After Midnight
- Cover art by Jeff Butler
- Designers: Anthony Herring
- Publishers: TSR
- Publication: January 1990
- Genres: Super hero
- Systems: Marvel Super Heroes

= After Midnight (adventure) =

Role-playing game adventure

After Midnight is a licensed role-playing game adventure published by TSR in 1990 for the Marvel Super Heroes role-playing game, itself based on the Marvel Super Heroes line of comics. This adventure was the first installment of a trilogy.

==Description==
After Midnight is the first part of the Gang Wars trilogy, which centers on a New York City gang war fomented by the Faces of Fear, a gang of supervillains somehow controlled by the mysterious "Big Boss".
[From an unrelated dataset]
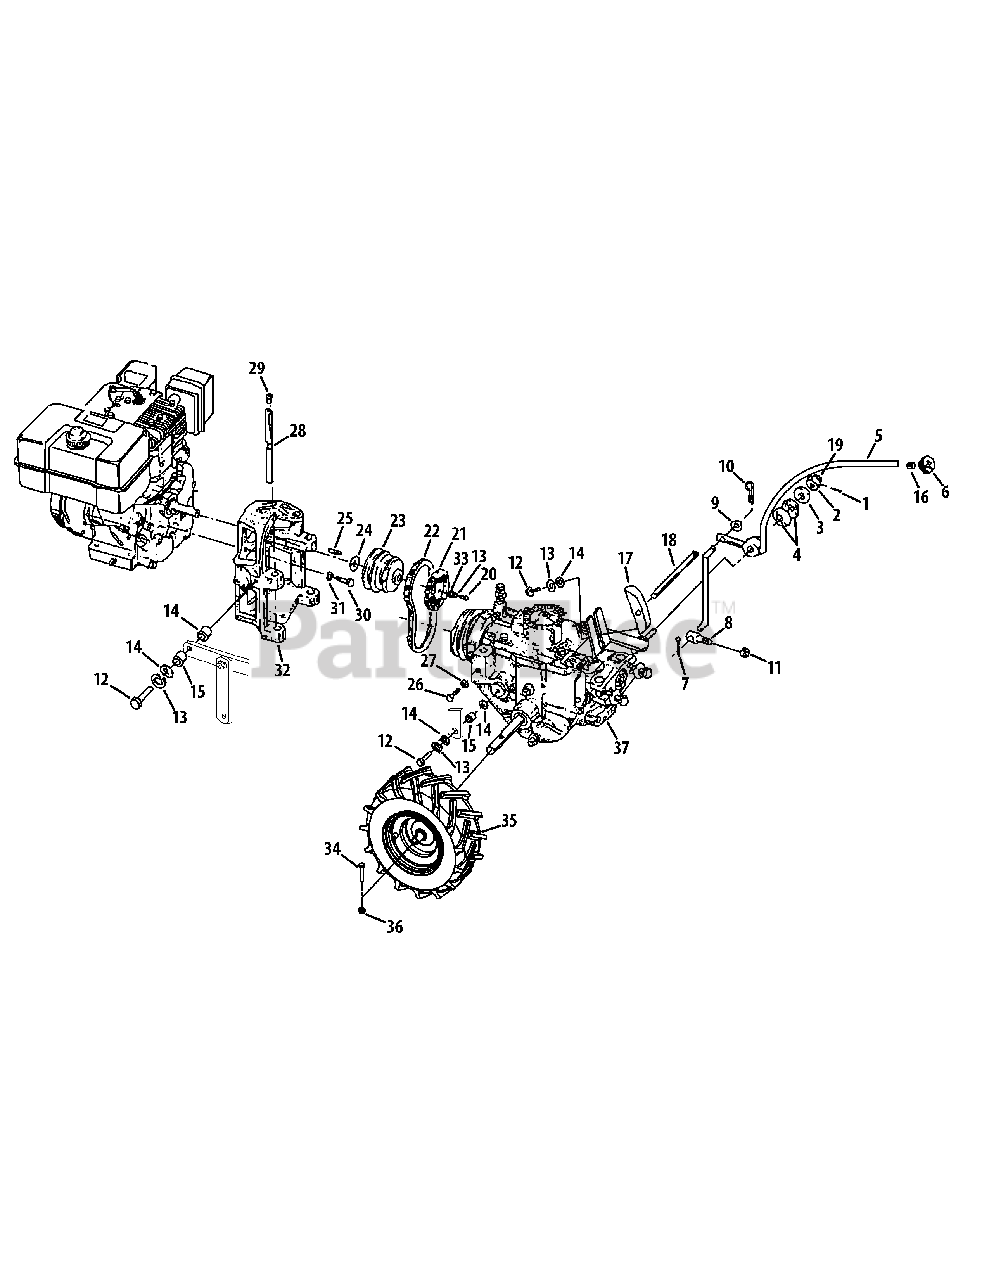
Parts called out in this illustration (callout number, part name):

The player character super heroes are called to the Metropolitan Museum of Art, where a tome titled A Mdman's Mutterings has been stolen. While the super heroes' investigation leads to confrontations with supernatural monsters, manifestations such as animated skeletons attack the city at night.
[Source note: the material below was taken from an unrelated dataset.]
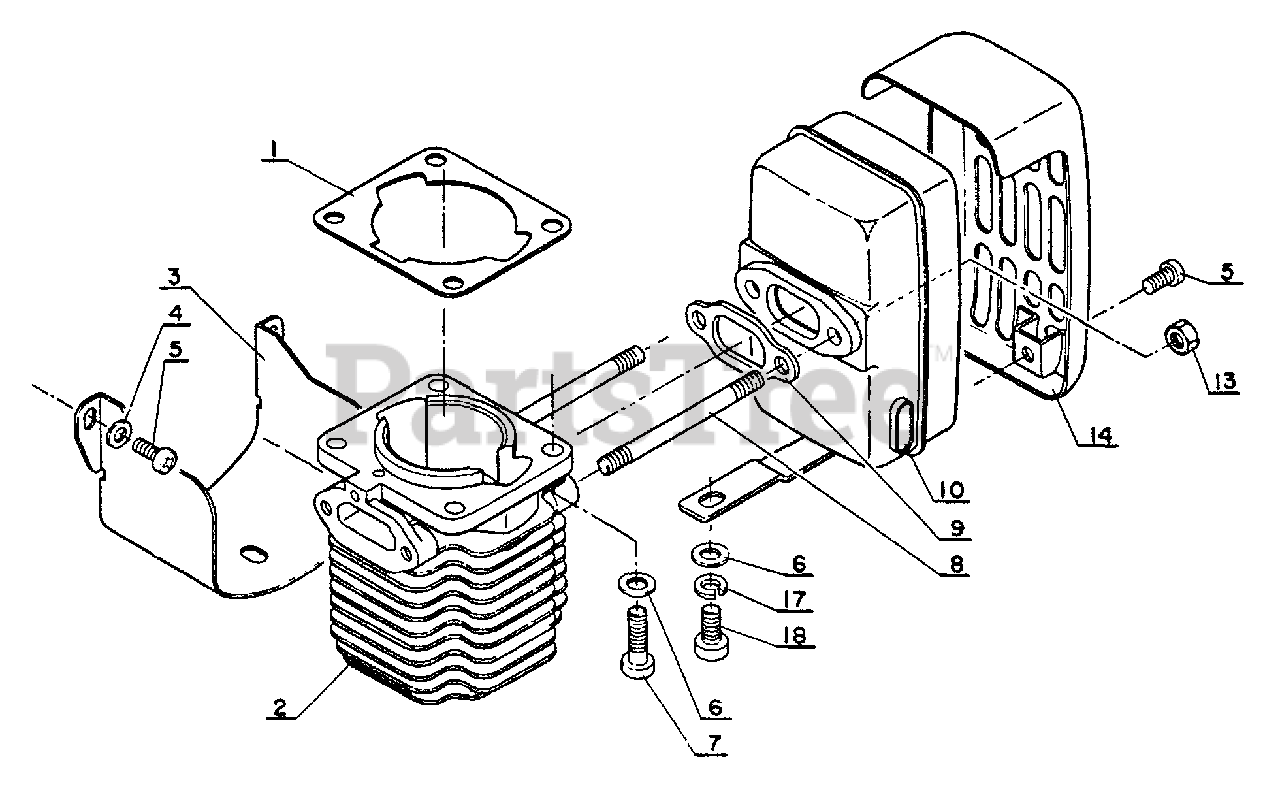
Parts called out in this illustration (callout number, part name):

During their investigation, the super heroes help a pair of mutants, Felicia Bifrost and her brother Johnny, who would later appear in TSR's 1992 release X-Forces: The Mutant Update.

The investigation leads to the underground lair of the Faces of Fear gang, where the super heroes find a hypnotizing machine used to control the supervillains, and face a boss fight with the lieutenant of the Big Boss.

==Publication history==
In 1984, TSR gained the license to produce a role-playing game based on characters from Marvel Comics. The result was Marvel Super Heroes, which was followed by an "Advanced" version in 1986. Many supplements and adventures set in New York City were also published, including the Gang Wars Trilogy.

The first installment in the trilogy, MLA1 After Midnight, was written by Anthony Herring, with cover art by Jeff Butler and interior art by John Statema. It was published by TSR in 1990 as a 64-page book and a poster, both enclosed in a cardstock outer folder.

The other two installments in the trilogy, MLA2 Night Moves and MLA3 Night Life were released at the same time.